-
The Love Test
Contributed by I. Grant Spong on Apr 25, 2018 (message contributor)
Summary: How can we tell a false from a true messenger of God? How does love separate truth from error? How do we know God loves us? Why is love of the church and its people such an important indicator of our love for God? How willingly and openly confess Christ?
- 1
- 2
- 3
- 4
- Next
Prelude to Part 1
How can we tell a false from a true messenger of God? How does love separate truth from error? How do we know God loves us? Let’s examine God’s love and the difference it makes, by looking at 1 John 4:1-11.
1 John 4:1 Test the Spirits
In 1 John 4:1 we read, “Beloved, do not believe every spirit, but test the spirits, whether they are of God; because many false prophets have gone out into the world.” A misunderstanding of Jesus’ instructions not to be judgmental, is that we should not discern who are false prophets. Yet after Jesus said, “Judge not” (Matthew 7:1) He said “Beware of false prophets.” (Matthew 7:15) Is that a contradiction? Jesus does not want us to be always judging, hypercritical, and beware of false prophets, falsely claiming to bring a message from God. How do we test without judging? We do not condemn, but discern by the fruits.
1 John 4:2 Test of Confession
1 John 4:2 says, “By this you know the Spirit of God: Every spirit that confesses that Jesus Christ has come in the flesh is of God”. One test of who is led by the Spirit of God is their confession. John refers to the ancient heresy of Docetism, which claimed that Jesus did not have a body, but was a disembodied spirit, a ghost. They claimed that He did not really suffer, die and rise again. On the other hand, He was not a mere man, because of John’s words “has come in the flesh,” alluding to his Gospel claim that He was God, the Word (John 1:1-4).
1 John 4:3 Spiritual Discernment
1 John 4:3 says, “and every spirit that does not confess that Jesus Christ has come in the flesh is not of God. And this is the spirit of the Antichrist, which you have heard was coming, and is now already in the world.” Being anti- or against Christ is a spirit that we are familiar with in our world, but when a religious teacher claims to be Christian, yet teaches that Jesus was a mere human being, we should beware. Or when someone claims that our four records of Jesus’ teachings are to be disregarded as God-breathed because they were written by men, we should discern a wrong spirit.
1 John 4:4-5 Of God or the World
1 John 4:4-5 says, “You are of God, little children, and have overcome them, because He who is in you is greater than he who is in the world. They are of the world. Therefore they speak as of the world, and the world hears them.” In dramatic opposition to false teachers, those who believe the truth are on one side; false teachers are on the other. There is no mention of a neutral position and to assume a neutral position is also to be in error, because we “have overcome them.” Echoing Jesus’ words, “If you were of the world, the world would love its own.” (John 15:19)

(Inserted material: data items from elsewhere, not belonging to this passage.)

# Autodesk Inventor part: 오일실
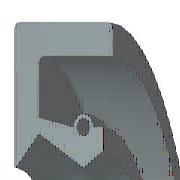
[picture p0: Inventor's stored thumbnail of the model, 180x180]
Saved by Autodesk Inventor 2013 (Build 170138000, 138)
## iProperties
Created: 2014-07
Part Number: 오일실
Material: 고무
Description: 오일-실
Document SubType Name: Modeling
Standard: KS B 2804
Designer: KYOUNG IL JANG
Standards Organization: KS
Language: ko-KR
Size Designation: D - 10 20 7
Categories: <MemberInstance><Categories><Category DisplayName="샤프트 부품" InternalName="7f7aeb1f-a693-4053-b835-cee3144e0d98" Mnemonic="SHFT"><Category DisplayName="실링" Intern
Density: 0.93 g/cm^3
Mass: 1.11329 g
Surface Area: 16.3871 cm^2
Volume: 1.19708 cm^3
Company: 한국ATC센터
IsCustomPart: 0
Author: KYOUNG IL JANG
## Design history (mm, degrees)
revolve "본체" stored, may be unused: angle "d17" = 90 deg
revolve "스프링1" stored, may be unused: angle "d18" = 90 deg
body "Solid1"
sketch "스케치1"
  geometry: L1 (0, 10)-(7, 10); L2 (7, 8.25)-(1.75, 8.25); L3 (1.75, 6.75)-(4.9, 5); L4 (4.9, 5)-(0, 5); L5 (0, 0)-(9.586, 0) reference; L6 (4.9, 5)-(6.3, 5.875); L7 (0, 18)-(0, -3) reference; L8 (-1.941, 0)-(11.507, 0) reference; L9 (4.2, 7.1)-(1.75, 7.59); L10 (1.75, 7.59)-(1.75, 8.25); L11 (0, 10)-(0, 5.088); L12 (4.9, 5)-(0, 5); L13 (1.75, 6.75)-(0.152, 5.028); L14 (7, 10)-(7, 8.25); L15 (5.6, 7.1)-(6.3, 7.1); L16 (6.3, 7.1)-(6.3, 5.875); C1 r 0.455 at (4.9, 7.1); A1 r 0.7 centre (4.9, 7.1) between (5.6, 7.1) and (4.2, 7.1); A2 r 0.088 centre (0.088, 5.088) between (0, 5.088) and (0.152, 5.028); 1 further point
  constraints: 28 end point, 5 horizontal alignment, 5 point on line, 4 point on circle, 4 vertical alignment, 3 centre point, 3 tangent, 2 collinear, 2 horizontal, 2 perpendicular, 1 coincident, 1 parallel
  dimensions: "d0" = 20 diameter of L1 L5 (= SD2); "d1" = 1.75 distance of L1.end L2.start (= SD); "d2" = 0.91 diameter of C1 (= SPDI); "d3" = 1.4 diameter of A1 (= SPDA); "d4" = 10 diameter of L3.end L5 (= NND); "d5" = 13.5 diameter of L3.start L5 (= TKDM); "d7" = 15.18 diameter of L9.end L5 (= TKDM + 0.24 x SWDT); "d8" = 1.75 distance between parallel lines of L11 L10 (= SD); "d9" = 4.9 distance from line of L11 C1.centre (= SPDST); "d10" = 14.2 diameter of C1.centre L5 (= HLDM); "d11" = 0.0875 radius of A2 (= 0.25 x LAB); "d12" = 6.3 distance between parallel lines of L11 L16 (= SDI); "d13" = 11.75 diameter of L6.end L5 (= ABDM); "d14" = 7 distance from line of L11 L1.end (= SWDT)
fillet "모깎기1" dims "d6" = 0.3 (= RR)
other parameters: "SD2" = 20 [user parameter; used in 1 equation term], "SWDT" = 7 [user parameter; used in 2 equation terms], "RR" = 0.3 [user parameter; used in 1 equation term], "SD" = 1.75 [user parameter; used in 2 equation terms], "NND" = 10 [user parameter; used in 1 equation term], "SPDA" = 1.4 [user parameter; used in 1 equation term], "SPDI" = 0.91 [user parameter; used in 1 equation term], "TKDM" = 13.5 [user parameter; used in 2 equation terms], "HLDM" = 14.2 [user parameter; used in 1 equation term], "ABDM" = 11.75 [user parameter; used in 1 equation term], "SDI" = 6.3 [user parameter; used in 1 equation term], "SPDST" = 4.9 [user parameter; used in 1 equation term], "LAB" = 0.35 [user parameter; used in 1 equation term], "d15" = 0, "d16" = 0, "d19" = 0

1 John 4:6 Spirit of Truth or Error
1 John 4:6 says, “We are of God. He who knows God hears us; he who is not of God does not hear us. By this we know the spirit of truth and the spirit of error.” John is saying that we who teach the things of God are heard by those who know God. What qualifies any teacher is not apostolic succession or ordination by men, but the spirit of truth rather than error. When people give in to the spirit of falsehood, contradicting the teachings of the Apostles, claiming the Bible is just the teachings of men, they become false prophets, falsely claiming to be speaking for God.
1 John 4:7-8 Love is of God
1 John 4:7-8 says, “Beloved, let us love one another, for love is of God; and everyone who loves is born of God and knows God. He who does not love does not know God, for God is love.” When churches show hatred instead of love, then they do not know God. Only by loving God can we truly know God and this love is intimately connected to knowing truth. The greatest truth of all is love. Whatever love for one another a person has within them comes from God. Because God is love, then love of God and neighbor is the surest test that a person is from God.
1 John 4:9 God’s Love Manifested
1 John 4:9 says, “In this the love of God was manifested toward us, that God has sent His only begotten Son into the world, that we might live through Him.” In this verse John summarizes his Gospel and John 3:16. Jesus is distinguished from all other sons of God as His only begotten Son or uniquely God’s Son in a manner that no other is. This counters the Ebionite heresy that denied the divinity of Christ. God’s love is made most conspicuous in the birth of Jesus and we believers are the specific beneficiaries of life through Him. Eternal life is given us by faith in Jesus Christ.